He breathed out a cloud of smoke. “You can lose your hymen from things that aren’t sex, but the likelihood of you engaging in sex and keeping it are low. I’ve been fucking for quite a while and I know how this works.”

“Oh, really?” I sat back, trying to glare at him through his sunglasses. “Is that where the women’s clothes and the birth control are from? All your women?”

He took off his glasses and set them aside, fixing his eyes on me. “The clothes belong to Adriana.”

“Who’s Adriana?”

“Ahmed’s woman.”

“Who’s Ahmed?”

“My friend.”

“Oh, okay, this is all making sense now.”

“Sarcasm is the lowest form of wit, Miss Scavo,” he said coolly.

That was rich coming from him. I pivoted quickly, unsure how to come back from his scathing comment. “If you’re Italian, why do you speak French? I heard you speaking it to someone on the boat.”

He put his sunglasses on, but not before I saw a flicker of something vulnerable in his eyes. I’d brushed up against a sore spot, I could tell.

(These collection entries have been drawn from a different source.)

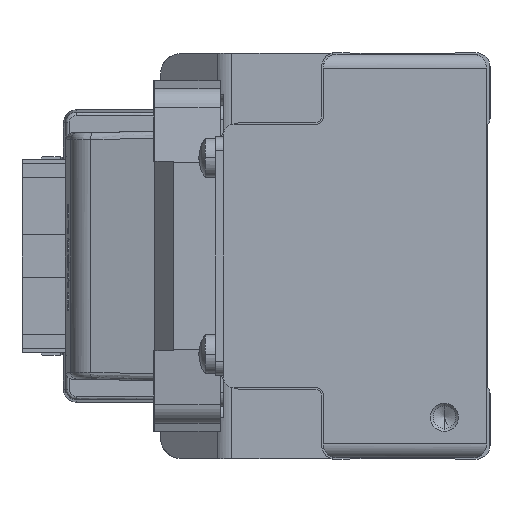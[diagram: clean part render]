
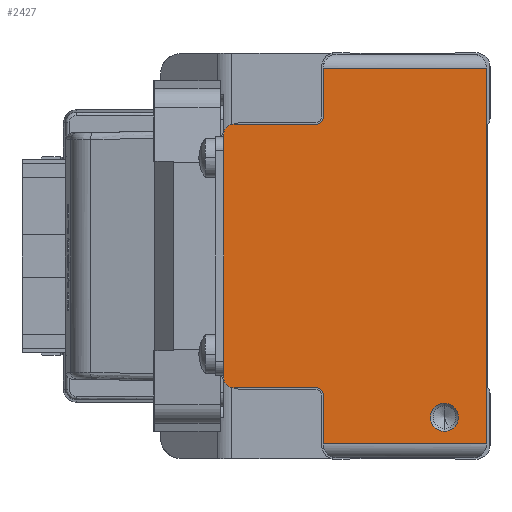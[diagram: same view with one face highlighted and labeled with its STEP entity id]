
A CAD part, left-side view. The second image highlights one B-rep face of the part: STEP entity #2427.
In plain terms, the highlighted planar face has unit normal (-1, 0, 0) as drawn and (0, 0, 1) by its records, which use the part's own axes.
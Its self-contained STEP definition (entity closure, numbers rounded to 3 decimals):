
#802 = CARTESIAN_POINT ( 'NONE',  ( -18.8, 36.5, 170. ) ) ;
#1234 = LINE ( 'NONE', #40859, #43206 ) ;
#1476 = PLANE ( 'NONE',  #29518 ) ;
#1544 = ORIENTED_EDGE ( 'NONE', *, *, #12449, .T. ) ;
#2427 = ADVANCED_FACE ( 'NONE', ( #18453, #25498 ), #1476, .T. ) ;
#2609 = AXIS2_PLACEMENT_3D ( 'NONE', #32547, #5890, #16063 ) ;
#2967 = CIRCLE ( 'NONE', #20565, 2. ) ;
#3456 = DIRECTION ( 'NONE',  ( 0., 0., -1. ) ) ;
#3469 = DIRECTION ( 'NONE',  ( -1., 0., 0. ) ) ;
#4993 = CARTESIAN_POINT ( 'NONE',  ( 18.8, 24.8, 170. ) ) ;
#5231 = ORIENTED_EDGE ( 'NONE', *, *, #12298, .F. ) ;
#5242 = CARTESIAN_POINT ( 'NONE',  ( -26.8, 0.5, 170. ) ) ;
#5890 = DIRECTION ( 'NONE',  ( 0., 0., 1. ) ) ;
#5998 = VERTEX_POINT ( 'NONE', #16100 ) ;
#6128 = CARTESIAN_POINT ( 'NONE',  ( -18.8, 24.8, 170. ) ) ;
#6626 = EDGE_CURVE ( 'NONE', #30932, #27657, #26090, .T. ) ;
#6707 = EDGE_CURVE ( 'NONE', #33849, #30932, #7618, .T. ) ;
#7139 = CARTESIAN_POINT ( 'NONE',  ( 19.8, 23.8, 170. ) ) ;
#7615 = AXIS2_PLACEMENT_3D ( 'NONE', #23758, #17128, #3469 ) ;
#7618 = CIRCLE ( 'NONE', #13252, 1.5 ) ;
#7872 = DIRECTION ( 'NONE',  ( 0., 1., 0. ) ) ;
#7930 = EDGE_CURVE ( 'NONE', #24475, #5998, #22195, .T. ) ;
#8086 = ORIENTED_EDGE ( 'NONE', *, *, #41723, .T. ) ;
#8942 = CIRCLE ( 'NONE', #2609, 1. ) ;
#9226 = LINE ( 'NONE', #23124, #25116 ) ;
#9396 = CARTESIAN_POINT ( 'NONE',  ( -26.8, 0.5, 170. ) ) ;
#9968 = CARTESIAN_POINT ( 'NONE',  ( -25., 6.5, 170. ) ) ;
#10554 = EDGE_CURVE ( 'NONE', #24828, #36506, #2967, .T. ) ;
#11167 = VERTEX_POINT ( 'NONE', #14937 ) ;
#11474 = EDGE_CURVE ( 'NONE', #5998, #24851, #32476, .T. ) ;
#11791 = CARTESIAN_POINT ( 'NONE',  ( -26.8, 21.8, 170. ) ) ;
#11925 = EDGE_CURVE ( 'NONE', #11167, #37939, #42505, .T. ) ;
#12298 = EDGE_CURVE ( 'NONE', #38315, #36104, #35434, .T. ) ;
#12449 = EDGE_CURVE ( 'NONE', #36506, #24828, #26643, .T. ) ;
#12765 = DIRECTION ( 'NONE',  ( -1., 0., 0. ) ) ;
#12848 = DIRECTION ( 'NONE',  ( -1., 0., 0. ) ) ;
#13252 = AXIS2_PLACEMENT_3D ( 'NONE', #30661, #43404, #40314 ) ;
#14023 = DIRECTION ( 'NONE',  ( 0., -1., 0. ) ) ;
#14162 = ORIENTED_EDGE ( 'NONE', *, *, #7930, .T. ) ;
#14937 = CARTESIAN_POINT ( 'NONE',  ( -26.8, 23.8, 170. ) ) ;
#16063 = DIRECTION ( 'NONE',  ( 1., 0., 0. ) ) ;
#16100 = CARTESIAN_POINT ( 'NONE',  ( 18.8, 36.5, 170. ) ) ;
#16147 = CARTESIAN_POINT ( 'NONE',  ( 17.3, 38., 170. ) ) ;
#16895 = DIRECTION ( 'NONE',  ( -1., 0., 0. ) ) ;
#16993 = ORIENTED_EDGE ( 'NONE', *, *, #23320, .F. ) ;
#17099 = ORIENTED_EDGE ( 'NONE', *, *, #11474, .T. ) ;
#17128 = DIRECTION ( 'NONE',  ( 0., 0., -1. ) ) ;
#17279 = CARTESIAN_POINT ( 'NONE',  ( 26.8, 0.5, 170. ) ) ;
#17346 = DIRECTION ( 'NONE',  ( -1., 0., 0. ) ) ;
#17645 = EDGE_CURVE ( 'NONE', #24475, #38363, #41222, .T. ) ;
#18066 = DIRECTION ( 'NONE',  ( 1., 0., 0. ) ) ;
#18236 = DIRECTION ( 'NONE',  ( 1., 0., 0. ) ) ;
#18430 = DIRECTION ( 'NONE',  ( 1., 0., 0. ) ) ;
#18453 = FACE_BOUND ( 'NONE', #19866, .T. ) ;
#18632 = CARTESIAN_POINT ( 'NONE',  ( 17.3, 36.5, 170. ) ) ;
#19703 = ORIENTED_EDGE ( 'NONE', *, *, #6626, .T. ) ;
#19866 = EDGE_LOOP ( 'NONE', ( #1544, #42413 ) ) ;
#20565 = AXIS2_PLACEMENT_3D ( 'NONE', #34015, #3456, #16895 ) ;
#20606 = CARTESIAN_POINT ( 'NONE',  ( 26.8, 23.8, 170. ) ) ;
#20957 = VECTOR ( 'NONE', #32635, 1000. ) ;
#21405 = VECTOR ( 'NONE', #12848, 1000. ) ;
#21441 = EDGE_LOOP ( 'NONE', ( #19703, #16993, #31822, #34817, #8086, #5231, #33052, #34047, #14162, #17099, #40119, #39327 ) ) ;
#21674 = VECTOR ( 'NONE', #14023, 1000. ) ;
#22195 = LINE ( 'NONE', #4993, #39997 ) ;
#22315 = AXIS2_PLACEMENT_3D ( 'NONE', #41248, #40610, #41026 ) ;
#22335 = CARTESIAN_POINT ( 'NONE',  ( -26.8, 24., 170. ) ) ;
#22556 = CARTESIAN_POINT ( 'NONE',  ( 18.8, 24.8, 170. ) ) ;
#22782 = DIRECTION ( 'NONE',  ( 0., -1., 0. ) ) ;
#23124 = CARTESIAN_POINT ( 'NONE',  ( -19.8, 23.8, 170. ) ) ;
#23320 = EDGE_CURVE ( 'NONE', #38273, #27657, #8942, .T. ) ;
#23758 = CARTESIAN_POINT ( 'NONE',  ( -23., 6.5, 170. ) ) ;
#24431 = VECTOR ( 'NONE', #18066, 1000. ) ;
#24475 = VERTEX_POINT ( 'NONE', #22556 ) ;
#24828 = VERTEX_POINT ( 'NONE', #41097 ) ;
#24851 = VERTEX_POINT ( 'NONE', #24867 ) ;
#24867 = CARTESIAN_POINT ( 'NONE',  ( 17.3, 38., 170. ) ) ;
#25084 = EDGE_CURVE ( 'NONE', #24851, #33849, #39452, .T. ) ;
#25116 = VECTOR ( 'NONE', #12765, 1000. ) ;
#25498 = FACE_OUTER_BOUND ( 'NONE', #21441, .T. ) ;
#26090 = LINE ( 'NONE', #36158, #39940 ) ;
#26643 = CIRCLE ( 'NONE', #7615, 2. ) ;
#27657 = VERTEX_POINT ( 'NONE', #6128 ) ;
#29403 = CARTESIAN_POINT ( 'NONE',  ( -19.8, 23.8, 170. ) ) ;
#29518 = AXIS2_PLACEMENT_3D ( 'NONE', #11791, #41711, #18236 ) ;
#30661 = CARTESIAN_POINT ( 'NONE',  ( -17.3, 36.5, 170. ) ) ;
#30932 = VERTEX_POINT ( 'NONE', #802 ) ;
#31822 = ORIENTED_EDGE ( 'NONE', *, *, #41756, .T. ) ;
#32476 = CIRCLE ( 'NONE', #37357, 1.5 ) ;
#32547 = CARTESIAN_POINT ( 'NONE',  ( -19.8, 24.8, 170. ) ) ;
#32635 = DIRECTION ( 'NONE',  ( 0., -1., 0. ) ) ;
#33052 = ORIENTED_EDGE ( 'NONE', *, *, #40061, .T. ) ;
#33409 = CARTESIAN_POINT ( 'NONE',  ( -17.3, 38., 170. ) ) ;
#33849 = VERTEX_POINT ( 'NONE', #33409 ) ;
#34015 = CARTESIAN_POINT ( 'NONE',  ( -23., 6.5, 170. ) ) ;
#34027 = CARTESIAN_POINT ( 'NONE',  ( 26.8, 24., 170. ) ) ;
#34047 = ORIENTED_EDGE ( 'NONE', *, *, #17645, .F. ) ;
#34817 = ORIENTED_EDGE ( 'NONE', *, *, #11925, .T. ) ;
#34956 = LINE ( 'NONE', #5242, #24431 ) ;
#35434 = LINE ( 'NONE', #34027, #21674 ) ;
#36104 = VERTEX_POINT ( 'NONE', #17279 ) ;
#36158 = CARTESIAN_POINT ( 'NONE',  ( -18.8, 36.5, 170. ) ) ;
#36506 = VERTEX_POINT ( 'NONE', #9968 ) ;
#37357 = AXIS2_PLACEMENT_3D ( 'NONE', #18632, #37977, #18430 ) ;
#37939 = VERTEX_POINT ( 'NONE', #9396 ) ;
#37977 = DIRECTION ( 'NONE',  ( 0., 0., 1. ) ) ;
#38273 = VERTEX_POINT ( 'NONE', #29403 ) ;
#38315 = VERTEX_POINT ( 'NONE', #20606 ) ;
#38363 = VERTEX_POINT ( 'NONE', #7139 ) ;
#39327 = ORIENTED_EDGE ( 'NONE', *, *, #6707, .T. ) ;
#39452 = LINE ( 'NONE', #16147, #21405 ) ;
#39940 = VECTOR ( 'NONE', #22782, 1000. ) ;
#39997 = VECTOR ( 'NONE', #7872, 1000. ) ;
#40061 = EDGE_CURVE ( 'NONE', #38315, #38363, #1234, .T. ) ;
#40119 = ORIENTED_EDGE ( 'NONE', *, *, #25084, .T. ) ;
#40314 = DIRECTION ( 'NONE',  ( 1., 0., 0. ) ) ;
#40610 = DIRECTION ( 'NONE',  ( 0., 0., 1. ) ) ;
#40859 = CARTESIAN_POINT ( 'NONE',  ( 26.8, 23.8, 170. ) ) ;
#41026 = DIRECTION ( 'NONE',  ( 1., 0., 0. ) ) ;
#41097 = CARTESIAN_POINT ( 'NONE',  ( -21., 6.5, 170. ) ) ;
#41222 = CIRCLE ( 'NONE', #22315, 1. ) ;
#41248 = CARTESIAN_POINT ( 'NONE',  ( 19.8, 24.8, 170. ) ) ;
#41711 = DIRECTION ( 'NONE',  ( 0., 0., 1. ) ) ;
#41723 = EDGE_CURVE ( 'NONE', #37939, #36104, #34956, .T. ) ;
#41756 = EDGE_CURVE ( 'NONE', #38273, #11167, #9226, .T. ) ;
#42413 = ORIENTED_EDGE ( 'NONE', *, *, #10554, .T. ) ;
#42505 = LINE ( 'NONE', #22335, #20957 ) ;
#43206 = VECTOR ( 'NONE', #17346, 1000. ) ;
#43404 = DIRECTION ( 'NONE',  ( 0., 0., 1. ) ) ;

“I can speak more than one language,” he said. “English, Italian, French, and some Arabic.”

“Why did you learn French?” I pressed, sensing a little weakness in his walls.

He was quiet for a moment and then he stood abruptly, stamping out his cigarillo in a bowl. “Someone taught me. Now you need to get to bed because we have a big day tomorrow.”

He knelt and his hard hand slid down the back of my calf and he unfastened the cuff. Then he led me inside and up to my room. We didn’t speak as he pushed me in, but his eyes brushed over me before he shut the door and locked me in.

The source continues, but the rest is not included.